Marmite (& variants)- hated it the first time I tried it, but it’s because I was expecting something Nutella-like based on its appearance and context (served on toast for breakfast.) That said, I was strangely intrigued by it and, like above, after a few goes, I goddamn love the stuff. Just received four jars of its cousin Vegemite a couple weeks ago, and I’m almost through the first jar.

Capers - weird tasting, briny ingredient the first few times I had it, and now a staple of my tuna salads.

Sushi - just never really seemed like “food” to me initially. I had a girlfriend who loved sushi, and I’d go out, eat some nigiri and maki, complain (to myself) about it being “cat found” and then want to go out to McDonald’s to get something that felt substantial to me. (Oh, how different I am now – sushi can fill me up easily.) Then I had a wealthy Japanese student (back when I taught English on the side) take me out to basically unlimited otoro (fatty tuna) nigiri (in addition to anything else I wanted) and I was hooked.

TRC4941, some would say you should try more foods on your long list. You’re probably missing out on many yummy treats!

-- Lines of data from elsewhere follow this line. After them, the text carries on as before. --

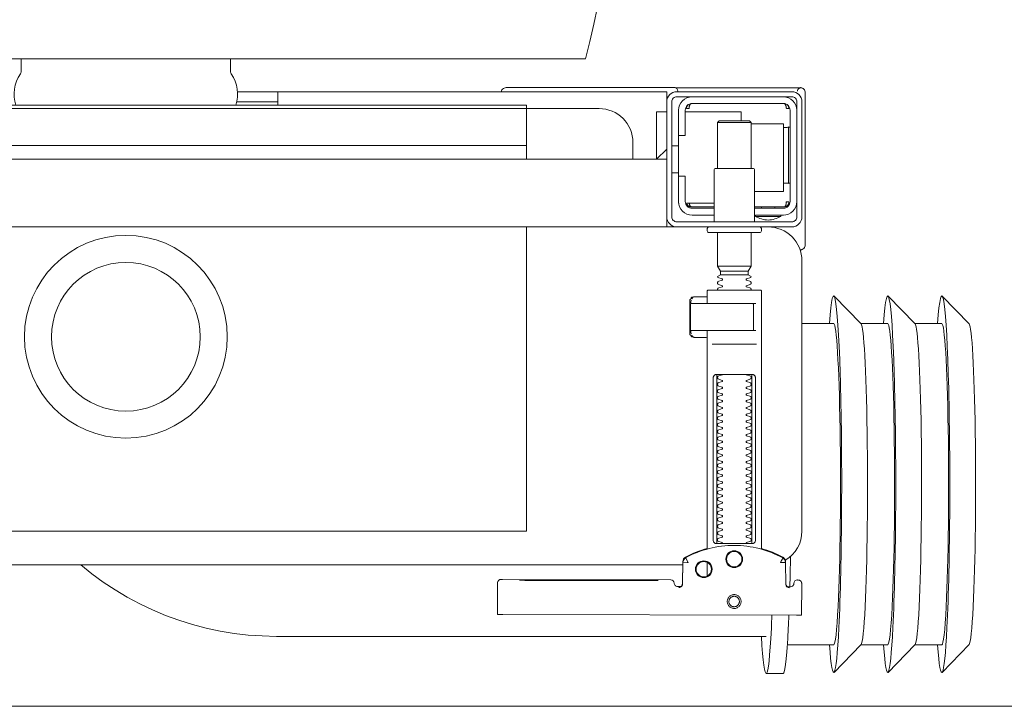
# Model space of a CAD drawing. Header units: millimetres. Extents: x -2274 to 12297, y -16157 to 26321.
# Tile 110 of 256: x -102 to -73, y -4083 to -4063. Entities that reach past the tile are written whole.
import ezdxf

# ---------------------------------------------------------------- set-up
doc = ezdxf.new("R2010")
doc.units = ezdxf.units.MM
doc.layers.add('-ŚCIANY NOŚNE', color=4, linetype='Continuous', lineweight=53)

msp = doc.modelspace()

# ---------------------------------------------------------------- linework, layer by layer
at = {"layer": '-ŚCIANY NOŚNE', "color": 253, "lineweight": 13}
msp.add_line((-258, -4083), (-38, -4083), dxfattribs=at)
at = {"color": 253, "lineweight": 13}
for points in [[(-116.32, -4030.363, 0.058036), (-112.42, -4063.85), (-85.22, -4063.85, 0.058036), (-81.32, -4030.363)], [(-94.82, -4065.218), (-95.565, -4065.218, 0.236962), (-95.702, -4064.293, -0.154353), (-95.72, -4064.235), (-95.72, -4063.85), (-101.92, -4063.85), (-101.92, -4064.235, -0.154353), (-101.938, -4064.293, 0.236962), (-102.075, -4065.218), (-102.82, -4065.218)], [(-82.49, -4064.798, 0.412536), (-82.59, -4064.698), (-87.569, -4064.698), (-87.598, -4064.701), (-87.626, -4064.709), (-87.652, -4064.723), (-87.675, -4064.742), (-87.694, -4064.764), (-87.708, -4064.79), (-87.716, -4064.818)], [(-82.583, -4064.698), (-82.57, -4064.698), (-82.551, -4064.699), (-82.526, -4064.699), (-82.496, -4064.699), (-82.463, -4064.699), (-82.427, -4064.699), (-82.392, -4064.699), (-79.049, -4064.699), (-78.979, -4064.699), (-78.917, -4064.699), (-78.872, -4064.698), (-78.859, -4064.699), (-78.847, -4064.7), (-78.836, -4064.702), (-78.816, -4064.708, 0.517033), (-78.95, -4064.802)], [(-78.72, -4064.848, 0.198909), (-78.764, -4064.742, 0.091301), (-78.809, -4064.711)], [(-82.07, -4064.968, 0.414214), (-82.47, -4065.368), (-82.47, -4066.118)], [(-78.97, -4065.368, 0.414214), (-79.37, -4064.968)], [(-83.82, -4066.818), (-83.82, -4066.318, 0.414214), (-84.82, -4065.318), (-86.972, -4065.318), (-86.972, -4066.818)], [(-80.22, -4068.268), (-79.37, -4068.268, 0.414214), (-79.17, -4068.068), (-79.17, -4065.368, 0.414214), (-79.37, -4065.168), (-82.07, -4065.168, 0.414214), (-82.27, -4065.368), (-82.27, -4066.118), (-82.47, -4066.118), (-82.47, -4068.068)], [(-79.37, -4065.874), (-79.305, -4065.874), (-79.278, -4065.874), (-79.26, -4065.874), (-79.253, -4065.873, 0.116465), (-79.231, -4065.868), (-79.219, -4065.862), (-79.219, -4067.533), (-79.231, -4067.527, 0.116465), (-79.253, -4067.522), (-79.278, -4067.521), (-79.305, -4067.521), (-79.37, -4067.521)], [(-80.22, -4068.668), (-80.22, -4067.138, 0.414214), (-80.27, -4067.088), (-81.37, -4067.088, 0.414214), (-81.42, -4067.138), (-81.42, -4068.668)], [(-82.47, -4067.318), (-82.27, -4067.318), (-82.27, -4068.068, 0.414214), (-82.07, -4068.268), (-81.42, -4068.268)], [(-81.42, -4068.468), (-82.07, -4068.468, -0.414214), (-82.47, -4068.068), (-82.467, -4068.118)], [(-78.97, -4068.068, -0.414214), (-79.37, -4068.468), (-80.195, -4068.468), (-80.195, -4068.506), (-79.445, -4068.506), (-79.445, -4068.468)], [(-80.195, -4068.506, 0.119096), (-79.82, -4068.614, 0.119096), (-79.445, -4068.506)], [(-82.827, -4068.818), (-81.571, -4068.818, 0.405519), (-81.62, -4068.868), (-81.62, -4068.938, 0.414214), (-81.57, -4068.988), (-80.07, -4068.988, 0.414214), (-80.02, -4068.938), (-80.02, -4068.868, 0.405519), (-80.068, -4068.818), (-79.82, -4068.818, -0.414214), (-78.82, -4069.818), (-78.82, -4077.818, -0.266001), (-79.314, -4078.68)], [(-81.32, -4070.686), (-81.32, -4070.661, 0.050055), (-81.305, -4070.635), (-81.184, -4070.594, 0.719897), (-81.184, -4070.557), (-81.305, -4070.516, 0.050055), (-81.32, -4070.49), (-81.32, -4070.461, 0.050055), (-81.305, -4070.435), (-81.184, -4070.394, 0.719897), (-81.184, -4070.357), (-81.305, -4070.316, 0.050055), (-81.32, -4070.29), (-81.23, -4070.238), (-81.23, -4070.131), (-81.32, -4069.976), (-81.32, -4068.988)], [(-80.32, -4070.686), (-80.32, -4070.661, -0.050055), (-80.334, -4070.635), (-80.456, -4070.594, -0.719897), (-80.456, -4070.557), (-80.334, -4070.516, -0.050055), (-80.32, -4070.49), (-80.32, -4070.461, -0.050055), (-80.334, -4070.435), (-80.456, -4070.394, -0.719897), (-80.456, -4070.357), (-80.334, -4070.316, -0.050055), (-80.32, -4070.29), (-80.41, -4070.238), (-80.41, -4070.131), (-80.32, -4069.976), (-80.32, -4068.988)], [(-78.875, -4069.489, 0.170835), (-78.809, -4069.484)], [(-78.809, -4069.484, 0.091301), (-78.764, -4069.453, 0.198909), (-78.72, -4069.347)], [(-79.307, -4078.718), (-79.309, -4078.7), (-79.311, -4078.69), (-79.314, -4078.68), (-79.317, -4078.67), (-79.321, -4078.659), (-79.326, -4078.65), (-79.332, -4078.641), (-79.338, -4078.632), (-79.345, -4078.624), (-79.352, -4078.616), (-79.36, -4078.609), (-79.368, -4078.602), (-79.377, -4078.597), (-79.386, -4078.591), (-79.462, -4078.551), (-79.538, -4078.513), (-79.616, -4078.477), (-79.695, -4078.444), (-79.775, -4078.412), (-79.856, -4078.383), (-79.938, -4078.357), (-80.02, -4078.332), (-80.02, -4070.706, 0.414214), (-80.04, -4070.686), (-81.274, -4070.686), (-81.6, -4070.686, 0.414214), (-81.62, -4070.706), (-81.62, -4071.086)], [(-80.25, -4071.866), (-80.25, -4071.106), (-80.25, -4071.866), (-80.253, -4071.876), (-80.261, -4071.883), (-81.124, -4071.886), (-82.095, -4071.886, -0.414214), (-82.115, -4071.866), (-82.115, -4071.106, -0.414214), (-82.095, -4071.086), (-80.277, -4071.086), (-80.267, -4071.09), (-80.26, -4071.106)], [(-81.173, -4078.186, 0.474594), (-81.184, -4078.157), (-81.305, -4078.116, 0.050055), (-81.32, -4078.09), (-81.32, -4078.061, 0.050055), (-81.305, -4078.035), (-81.184, -4077.994, 0.719897), (-81.184, -4077.957), (-81.305, -4077.916, 0.050055), (-81.32, -4077.89), (-81.32, -4077.861, 0.050055), (-81.305, -4077.835), (-81.184, -4077.794, 0.719897), (-81.184, -4077.757), (-81.305, -4077.716, 0.050055), (-81.32, -4077.69), (-81.32, -4077.661, 0.050055), (-81.305, -4077.635), (-81.184, -4077.594, 0.719897), (-81.184, -4077.557), (-81.305, -4077.516, 0.050055), (-81.32, -4077.49), (-81.32, -4077.461, 0.050055), (-81.305, -4077.435), (-81.184, -4077.394, 0.719897), (-81.184, -4077.357), (-81.305, -4077.316, 0.050055), (-81.32, -4077.29), (-81.32, -4077.261, 0.050055), (-81.305, -4077.235), (-81.184, -4077.194, 0.719897), (-81.184, -4077.157), (-81.305, -4077.116, 0.050055), (-81.32, -4077.09), (-81.32, -4077.061, 0.050055), (-81.305, -4077.035), (-81.184, -4076.994, 0.719897), (-81.184, -4076.957), (-81.305, -4076.916, 0.050055), (-81.32, -4076.89), (-81.32, -4076.861, 0.050055), (-81.305, -4076.835), (-81.184, -4076.794, 0.719897), (-81.184, -4076.757), (-81.305, -4076.716, 0.050055), (-81.32, -4076.69), (-81.32, -4076.661, 0.050055), (-81.305, -4076.635), (-81.184, -4076.594, 0.719897), (-81.184, -4076.557), (-81.305, -4076.516, 0.050055), (-81.32, -4076.49), (-81.32, -4076.461, 0.050055), (-81.305, -4076.435), (-81.184, -4076.394, 0.719897), (-81.184, -4076.357), (-81.305, -4076.316, 0.050055), (-81.32, -4076.29), (-81.32, -4076.261, 0.050055), (-81.305, -4076.235), (-81.184, -4076.194, 0.719897), (-81.184, -4076.157), (-81.305, -4076.116, 0.050055), (-81.32, -4076.09), (-81.32, -4076.061, 0.050055), (-81.305, -4076.035), (-81.184, -4075.994, 0.719897), (-81.184, -4075.957), (-81.305, -4075.916, 0.050055), (-81.32, -4075.89), (-81.32, -4075.861, 0.050055), (-81.305, -4075.835), (-81.184, -4075.794, 0.719897), (-81.184, -4075.757), (-81.305, -4075.716, 0.050055), (-81.32, -4075.69), (-81.32, -4075.661, 0.050055), (-81.305, -4075.635), (-81.184, -4075.594, 0.719897), (-81.184, -4075.557), (-81.305, -4075.516, 0.050055), (-81.32, -4075.49), (-81.32, -4075.461, 0.050055), (-81.305, -4075.435), (-81.184, -4075.394, 0.719897), (-81.184, -4075.357), (-81.305, -4075.316, 0.050055), (-81.32, -4075.29), (-81.32, -4075.261, 0.050055), (-81.305, -4075.235), (-81.184, -4075.194, 0.719897), (-81.184, -4075.157), (-81.305, -4075.116, 0.050055), (-81.32, -4075.09), (-81.32, -4075.061, 0.050055), (-81.305, -4075.035), (-81.184, -4074.994, 0.719897), (-81.184, -4074.957), (-81.305, -4074.916, 0.050055), (-81.32, -4074.89), (-81.32, -4074.861, 0.050055), (-81.305, -4074.835), (-81.184, -4074.794, 0.719897), (-81.184, -4074.757), (-81.305, -4074.716, 0.050055), (-81.32, -4074.69), (-81.32, -4074.661, 0.050055), (-81.305, -4074.635), (-81.184, -4074.594, 0.719897), (-81.184, -4074.557), (-81.305, -4074.516, 0.050055), (-81.32, -4074.49), (-81.32, -4074.461, 0.050055), (-81.305, -4074.435), (-81.184, -4074.394, 0.719897), (-81.184, -4074.357), (-81.305, -4074.316, 0.050055), (-81.32, -4074.29), (-81.32, -4074.261, 0.050055), (-81.305, -4074.235), (-81.184, -4074.194, 0.719897), (-81.184, -4074.157), (-81.305, -4074.116, 0.050055), (-81.32, -4074.09), (-81.32, -4074.061, 0.050055), (-81.305, -4074.035), (-81.184, -4073.994, 0.719897), (-81.184, -4073.957), (-81.305, -4073.916, 0.050055), (-81.32, -4073.89), (-81.32, -4073.861, 0.050055), (-81.305, -4073.835), (-81.184, -4073.794, 0.719897), (-81.184, -4073.757), (-81.305, -4073.716, 0.050055), (-81.32, -4073.69), (-81.32, -4073.661, 0.050055), (-81.305, -4073.635), (-81.184, -4073.594, 0.719897), (-81.184, -4073.557), (-81.305, -4073.516, 0.050055), (-81.32, -4073.49), (-81.32, -4073.461, 0.050055), (-81.305, -4073.435), (-81.184, -4073.394, 0.719897), (-81.184, -4073.357), (-81.305, -4073.316, 0.050055), (-81.32, -4073.29), (-81.32, -4073.261, 0.050055), (-81.305, -4073.235), (-81.184, -4073.194, 0.182836), (-81.173, -4073.186)], [(-80.467, -4073.186, 0.182836), (-80.456, -4073.194), (-80.334, -4073.235, 0.050055), (-80.32, -4073.261), (-80.32, -4073.29, 0.050055), (-80.334, -4073.316), (-80.456, -4073.357, 0.719897), (-80.456, -4073.394), (-80.334, -4073.435, 0.050055), (-80.32, -4073.461), (-80.32, -4073.49, 0.050055), (-80.334, -4073.516), (-80.456, -4073.557, 0.719897), (-80.456, -4073.594), (-80.334, -4073.635, 0.050055), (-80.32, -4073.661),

Anyway, I’ll always try something once to see if it’s good.
I think I read on this board that acquired tastes are Stockholm syndrome for the taste buds. I find this works best if the beverage in question has a strong visceral/psychoactive reward to mitigate the initially unpleasant taste, such as with coffee and beer.

There are foods or combinations thereof I hated when I was a child that I like now or maybe just don’t hate as much. Brussels sprouts are one of them. If they tasted like wee cabbages all would be fine, but they never did. Now, they aren’t as bad and sometimes even taste quite good. Onions used to ruin a pizza but now they’re fine (this is a certain combination thing- I like onions, they just didn’t work on a pizza for me). One bite of a sweet potato tasted so bad it would would make me vomit when I was young. Now it merely tastes gross.

Unless my taste buds wither and I become anosmic, cilantro will forever be vile and despised.

*cat food, of course.

For those unaware: there’s more to your changed opinion of Brussels sprouts than your taste buds maturing. They’ve been flavor-engineered.